Guide to practicing intercessory prayer


Instead of only praying for my body, I began to pray more and more that God would bring me nearer to Himself. As I grew in my longing for closeness to Him above all else, my heart yearned to see God work in the lives of others. I began to pray for my family more and for members of our church and community, especially those who were suffering. This, I came to see, is the proper disposition of intercessory prayer. When we pray, it is an expression of our absolute surrender to God as the provider of all things. Our prayers and petitions for one another are motivated by a love for His name and affection for His people.

Love for the saints

As members of Samaritan Ministries, we do not pray for one another as strangers, but as brothers and sisters united in the family of God. We are the Body of Christ, who is our Head, built into a temple of God’s dwelling, united by the eternal bond of the Holy Spirit. It is no wonder then, that, in the greatest of recorded intercessory prayers, Jesus prays for His people to be united in truth (John 17:11,17-19,22-23).


Is intercessory prayer a good way to spend valuable time?


Intercessory prayer springs from love for the members of this Body. “Owe no one anything,” Paul says, “except to love each other, for the one who loves another has fulfilled the law” (Romans 13:8). Are we mindful of this in our prayers? Do we feel the weight of the charge to love one another as a debt owed? Are we burdened in our prayers by the suffering of a brother or sister? The same Spirit that unites us speaks through Paul to the church in Galatia when He says, “Bear one another’s burdens, and so fulfill the law of Christ” (Galatians 6:2).

One element of intercessory prayer that does not always get the attention it deserves is this element of struggle. As Epaphras struggled in his prayers for the saints in Colossae (Colossians 4:12), we ought to struggle in our prayers on behalf of others, because we believe prayer is God’s means to change things (2 Corinthians 1:11Philippians 1:191 Timothy 4:4-5James 5:15-18) and we, out of love and aligned with His will, desire to see Him glorified in His servants. Consider the struggle behind Paul’s words to the Corinthians, “For I wrote to you out of much affliction and anguish of heart and with many tears, not to cause you pain but to let you know the abundant love that I have for you” (2 Corinthians 2:4). We will fight for those we love. Why would it be any different in prayer?

Through intercessory prayer, the Holy Spirit develops in us a greater compassion for others. If I am praying for a specific person with a specific health condition or trial, I am forced to think through what that must be like for that person. I am moved to compassion like the compassion Christ has for His people. If I am angry with someone and I go before the throne of God in prayer, I see myself in the brilliant and awesome majesty of the eternal God and I am humbled by my own sin and my own desperate need of mercy. My anger toward my brother or sister turns into a desire that he or she know the Lord more deeply. This in turn compels me to show kindness and so fulfill the law of Christ by loving my neighbor.
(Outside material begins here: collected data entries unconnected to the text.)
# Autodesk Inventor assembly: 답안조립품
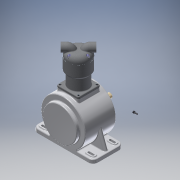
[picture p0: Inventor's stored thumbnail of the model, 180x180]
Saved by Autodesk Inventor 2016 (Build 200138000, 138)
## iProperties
Created: 2015-06
Part Number: 답안조립품
Document SubType Name: Assembly
Designer: Administrator
Author: Administrator
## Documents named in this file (15)
- C:\Users\Administrator\Desktop\450606V1010\답안조립품.iam
- C:\Users\Administrator\Desktop\450606V1010\본체.ipt
- C:\Users\Administrator\Desktop\450606V1010\베어링 6204.ipt
- C:\Users\Administrator\Desktop\450606V1010\메인커버.ipt
- C:\Users\Administrator\Desktop\450606V1010\메인 크랭크 축-구동부.ipt
- C:\Users\Administrator\Desktop\450606V1010\크랭크 서브축.ipt
- C:\Users\Administrator\Desktop\450606V1010\베어링 NA 4902.ipt
- C:\Users\Administrator\Desktop\450606V1010\커넥팅 로드.ipt
- C:\Users\Administrator\Desktop\450606V1010\피스톤 핀.ipt
- C:\Users\Administrator\Desktop\450606V1010\피스톤.ipt
- C:\Users\Administrator\Desktop\450606V1010\실린더.ipt
- C:\Users\Administrator\Desktop\450606V1010\실린더헤드.ipt
- C:\Users\Administrator\Desktop\450606V1010\오일실.ipt
- C:\Users\Administrator\Desktop\450606V1010\M5x0.8.ipt
- C:\Users\Administrator\Desktop\450606V1010\M4x0.7.ipt
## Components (11 placed, 4 different names)
1. 피스톤 핀:1
2. 피스톤:1
3. M4x0.7:1
4. M4x0.7:2
5. M4x0.7:3
6. M4x0.7:4
7. M4x0.7:5
8. M5x0.8:1
9. M5x0.8:2
10. M5x0.8:3
11. M5x0.8:4

Noteworthy: Intercessory prayer is a vital piece of health care sharing


But what if I don’t know how to pray for someone specifically? I have a friend who just lost his son this past year. How can I possibly understand something so painful when I have not experienced it myself? While we seek to empathize with others, we don’t need to (nor can we always) understand the plight of a brother or sister. The Spirit intercedes for us to the Father (Romans 8:26-27). God hears our prayers, and He understands the plight of His children with absolute perfection.

What we pray for ultimately is for God’s glory and for Him to manifest Himself to His children. We can trust that it is better to pray than to not pray. God will take care of the rest.